ABOUT THIS TASK →
Reprint each record exactly. Pictures are not reprinted.

■ ■ ■

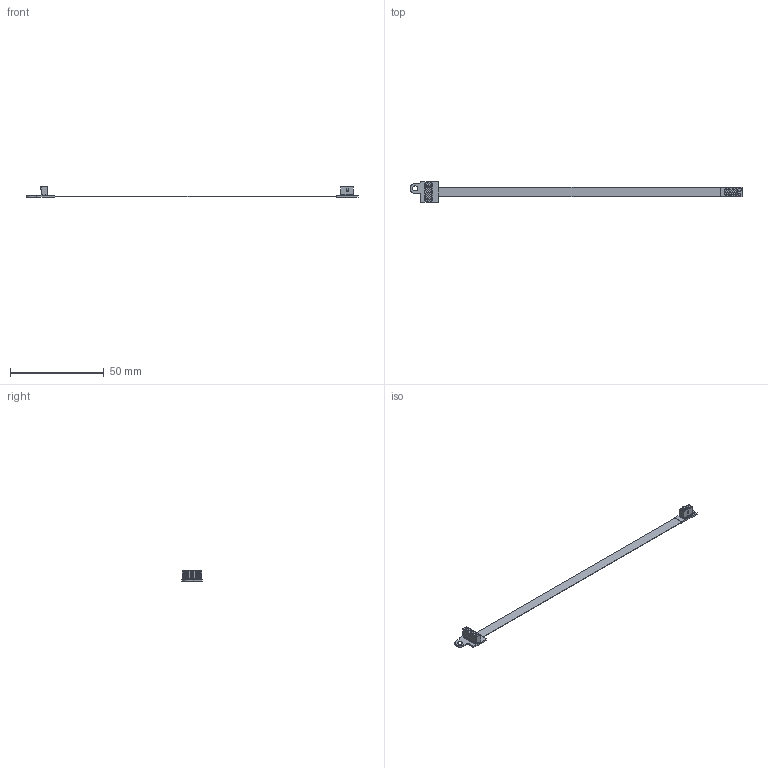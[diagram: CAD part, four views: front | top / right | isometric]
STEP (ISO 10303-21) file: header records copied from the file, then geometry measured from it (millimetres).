
FILE_DESCRIPTION(/* description */ ('VX1927J DAP-IFX FlexPCB for VX154x'),/* implementation_level */ '2;1');
FILE_NAME(/* name */ 'C:\Users\TeamCenterSystem\Documents\Inventor\ASY_000679_CUST_iam.STP',/* time_stamp */ '2025-01-03T10:42:56+01:00',/* author */ ('vista'),/* organization */ (''),/* preprocessor_version */ 'ST-DEVELOPER v18.1',/* originating_system */ 'Autodesk Inventor 2022',/* authorisation */ '');
FILE_SCHEMA (('AUTOMOTIVE_DESIGN { 1 0 10303 214 3 1 1 }'));
Length unit declared in the file: millimetre
Products named in the file (2): ASY_000679_CUST; ASY_000679
Assembly tree (1 placements, depth 2):
  ASY_000679_CUST
    ASY_000679
Bounding box: 176.75 x 11 x 5.58 mm (x, y, z)
Volume: 545.4 mm3; surface area: 2712.9 mm2
Topology: 7 solids, 7 shells, 844 faces, 2251 edges, 1466 vertices
Faces by surface type: plane 653, cylinder 188, bspline 2, cone 1
Full cylindrical faces by diameter (mm): 1.2 x1, 1.8 x1
Entity records: 26558 total; most frequent: CARTESIAN_POINT 4594, ORIENTED_EDGE 4502, DIRECTION 4315, EDGE_CURVE 2251, LINE 1869, VECTOR 1869, VERTEX_POINT 1466, AXIS2_PLACEMENT_3D 1223

■ ■ ■

ANSWER TO THIS PROBLEM →
[diagram: CAD part, four views: front | top / right | isometric]
STEP (ISO 10303-21) file: header records copied from the file, then geometry measured from it (millimetres).
FILE_DESCRIPTION(/* description */ ('VX1927J DAP-IFX FlexPCB for VX154x'),/* implementation_level */ '2;1');
FILE_NAME(/* name */ 'C:\Users\TeamCenterSystem\Documents\Inventor\ASY_000679_CUST_iam.STP',/* time_stamp */ '2025-01-03T10:42:56+01:00',/* author */ ('vista'),/* organization */ (''),/* preprocessor_version */ 'ST-DEVELOPER v18.1',/* originating_system */ 'Autodesk Inventor 2022',/* authorisation */ '');
FILE_SCHEMA (('AUTOMOTIVE_DESIGN { 1 0 10303 214 3 1 1 }'));
Length unit declared in the file: millimetre
Products named in the file (2): ASY_000679_CUST; ASY_000679
Assembly tree (1 placements, depth 2):
  ASY_000679_CUST
    ASY_000679
Bounding box: 176.75 x 11 x 5.58 mm (x, y, z)
Volume: 545.4 mm3; surface area: 2712.9 mm2
Topology: 7 solids, 7 shells, 844 faces, 2251 edges, 1466 vertices
Faces by surface type: plane 653, cylinder 188, bspline 2, cone 1
Full cylindrical faces by diameter (mm): 1.2 x1, 1.8 x1
Entity records: 26558 total; most frequent: CARTESIAN_POINT 4594, ORIENTED_EDGE 4502, DIRECTION 4315, EDGE_CURVE 2251, LINE 1869, VECTOR 1869, VERTEX_POINT 1466, AXIS2_PLACEMENT_3D 1223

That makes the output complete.